Each line of the data below that holds the word "part" is to be reported in full.

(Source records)
-=-=-

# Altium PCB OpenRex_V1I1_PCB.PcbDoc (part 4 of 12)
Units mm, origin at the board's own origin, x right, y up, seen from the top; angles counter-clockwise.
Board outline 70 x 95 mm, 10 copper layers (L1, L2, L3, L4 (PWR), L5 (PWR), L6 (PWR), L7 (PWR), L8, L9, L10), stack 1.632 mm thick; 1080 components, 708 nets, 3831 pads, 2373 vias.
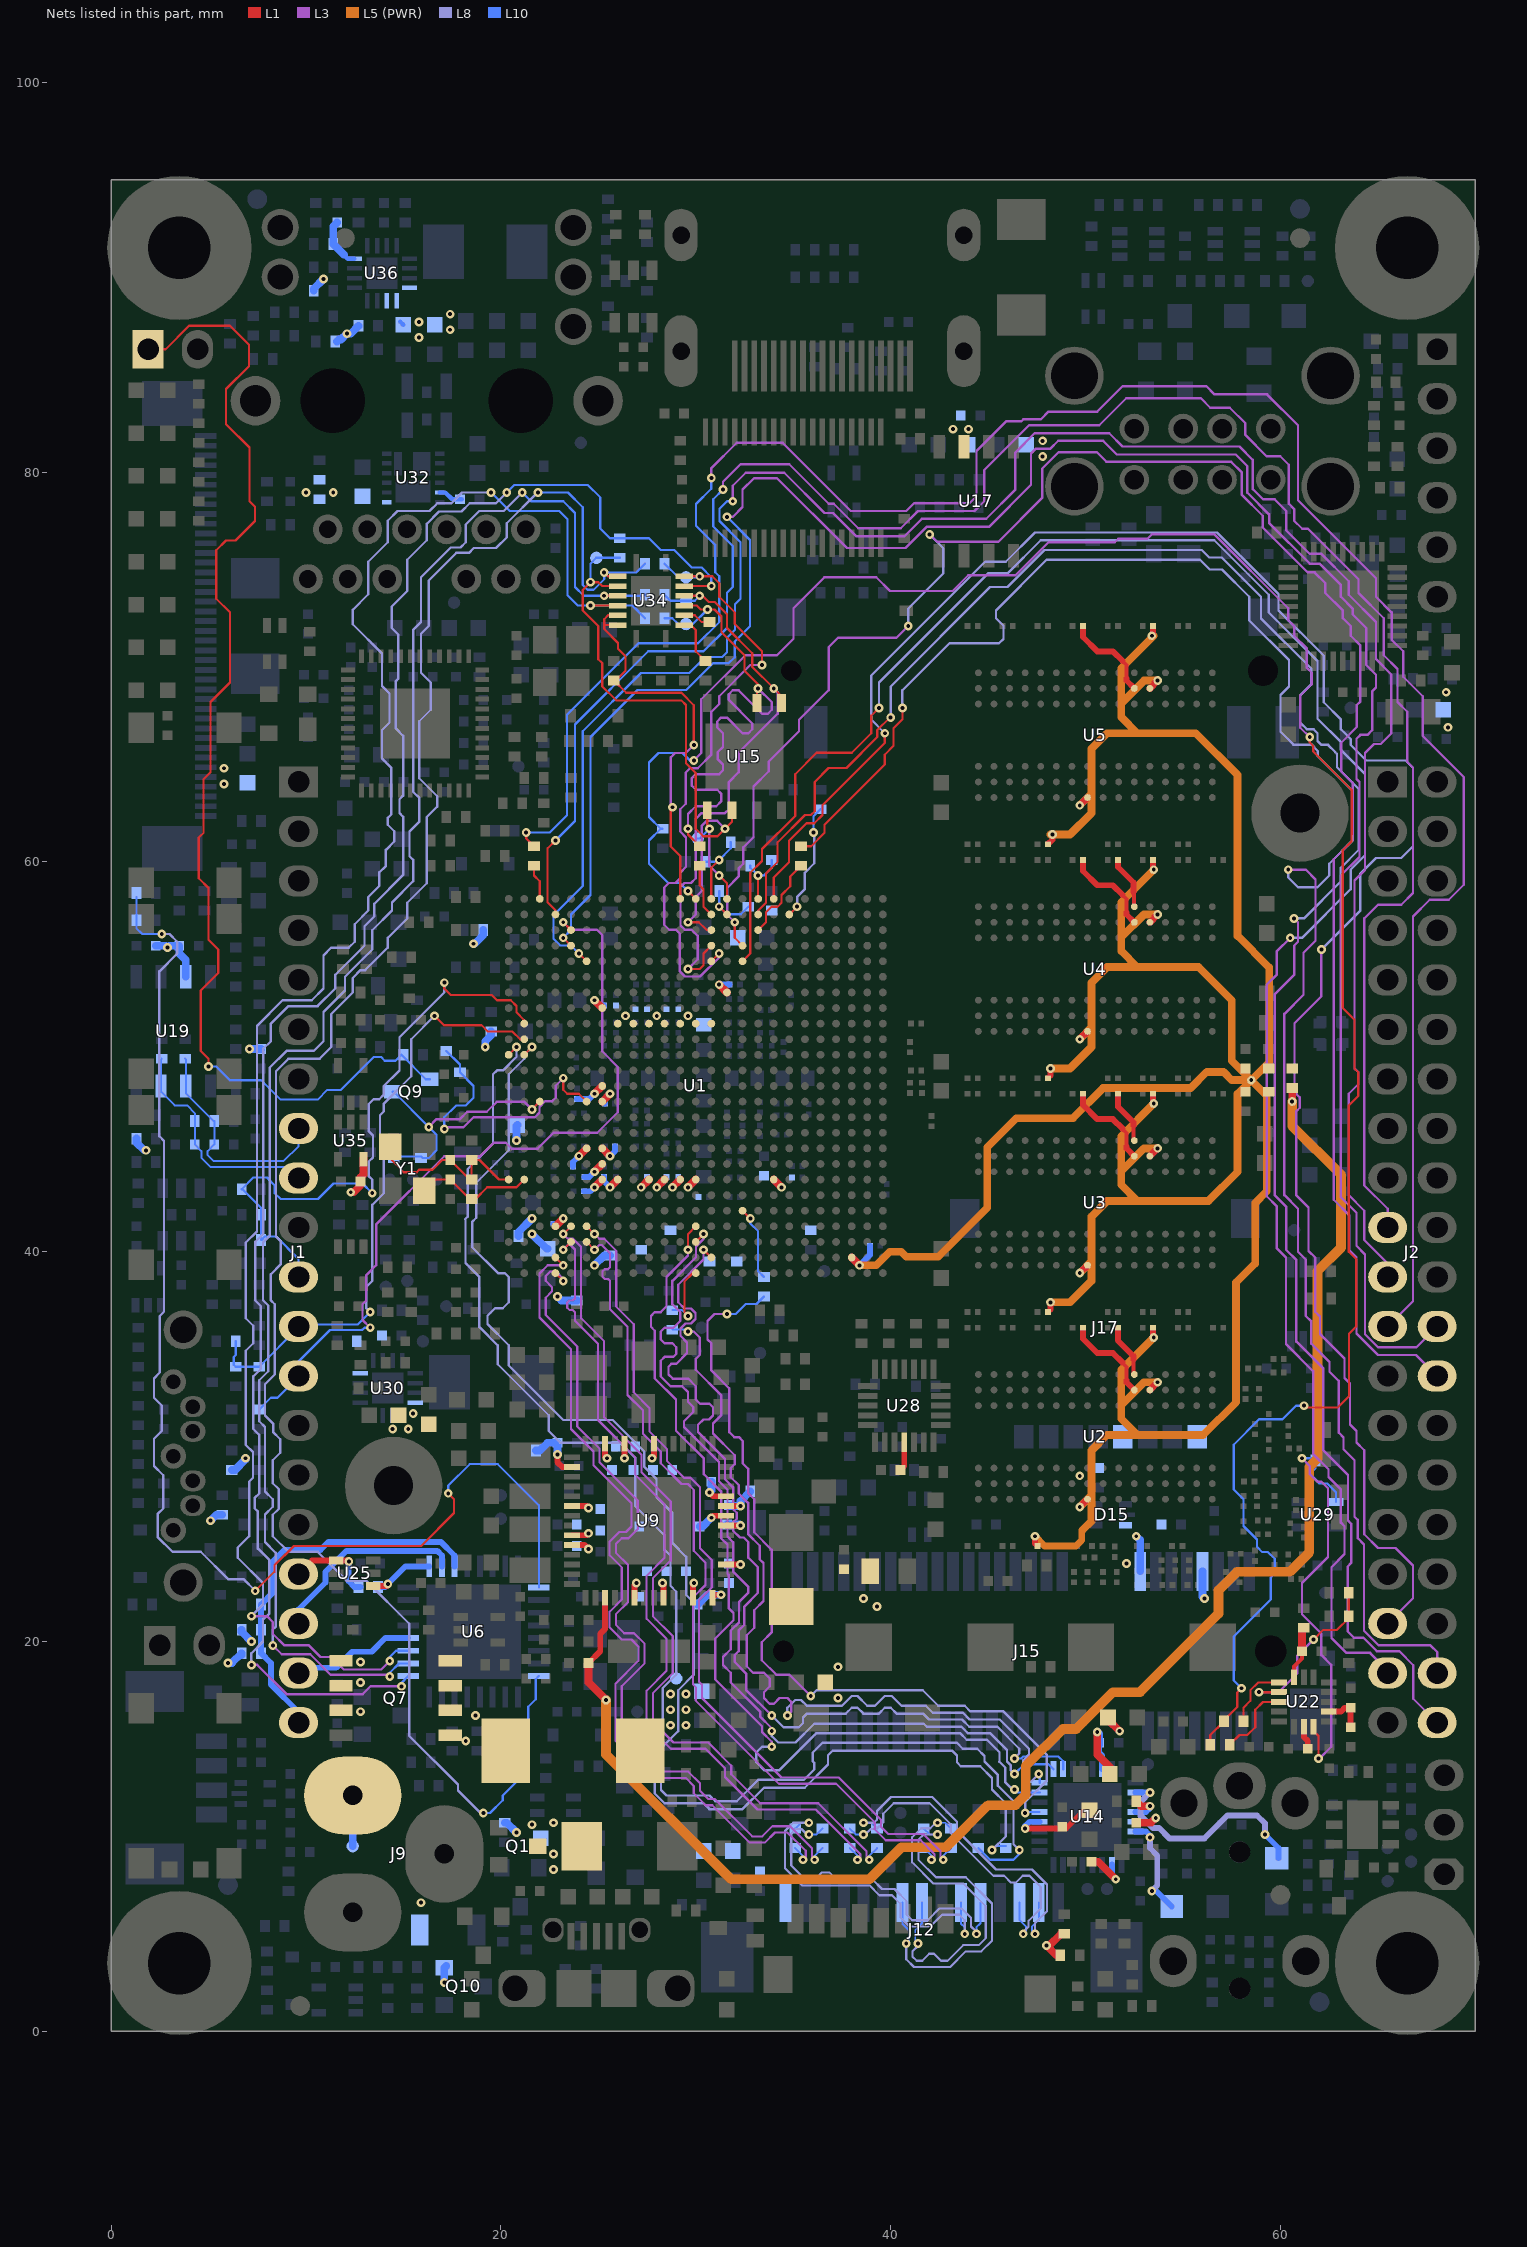
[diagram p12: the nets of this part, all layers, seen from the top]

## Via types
v1: diameter 0.45, hole 0.2, L1 to L10, tented both sides, 2369 vias
v2: diameter 1, hole 0.5, L1 to L10, tented top, 4 vias

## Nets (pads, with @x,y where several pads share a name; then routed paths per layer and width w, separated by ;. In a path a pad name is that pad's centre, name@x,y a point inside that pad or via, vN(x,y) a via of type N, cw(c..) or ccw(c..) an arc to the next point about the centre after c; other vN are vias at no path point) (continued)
+DDR_VREF: C3.1 C4.1 C5.1 C6.1 C7.1 C8.1 C9.1 C10.1 C11.1 C392.2 C393.1 R245.1 R274.2 R345.1 U1.AC2 U2.H1 U2.M8 U3.H1 U3.M8 U4.H1 U4.M8 U5.H1 U5.M8 | length 176.8
  L1 w0.3: v1(47.4,25.4) 47.4,25.035 C4.1@47.535,24.9 ; C5.1@48.065,36.9 48.2,37.035 v1(48.2,37.4) ; C8.1@48.065,48.9 48.2,49.035 v1(48.2,49.4) ; C10.1@48.065,60.9 48.3,61.135 v1(48.3,61.4) ; v1(53.4,71.6) 53.465,71.665 C11.1@53.465,72.1 ; C3.1@53.465,36.1 53.465,35.635 v1(53.5,35.6) ; C6.1@53.465,48.1 53.465,47.635 v1(53.5,47.6) ; C9.1@53.465,60.1 53.465,59.635 v1(53.5,59.6)
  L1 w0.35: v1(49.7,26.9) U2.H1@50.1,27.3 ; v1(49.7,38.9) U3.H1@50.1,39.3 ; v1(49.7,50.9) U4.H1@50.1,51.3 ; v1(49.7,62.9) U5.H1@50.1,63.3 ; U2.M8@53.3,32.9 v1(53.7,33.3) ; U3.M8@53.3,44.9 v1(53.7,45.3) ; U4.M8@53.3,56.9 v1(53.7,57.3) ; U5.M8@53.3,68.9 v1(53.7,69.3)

-=-=-

■ Task response ■
# Altium PCB OpenRex_V1I1_PCB.PcbDoc (part 4 of 12)
[diagram p12: the nets of this part, all layers, seen from the top]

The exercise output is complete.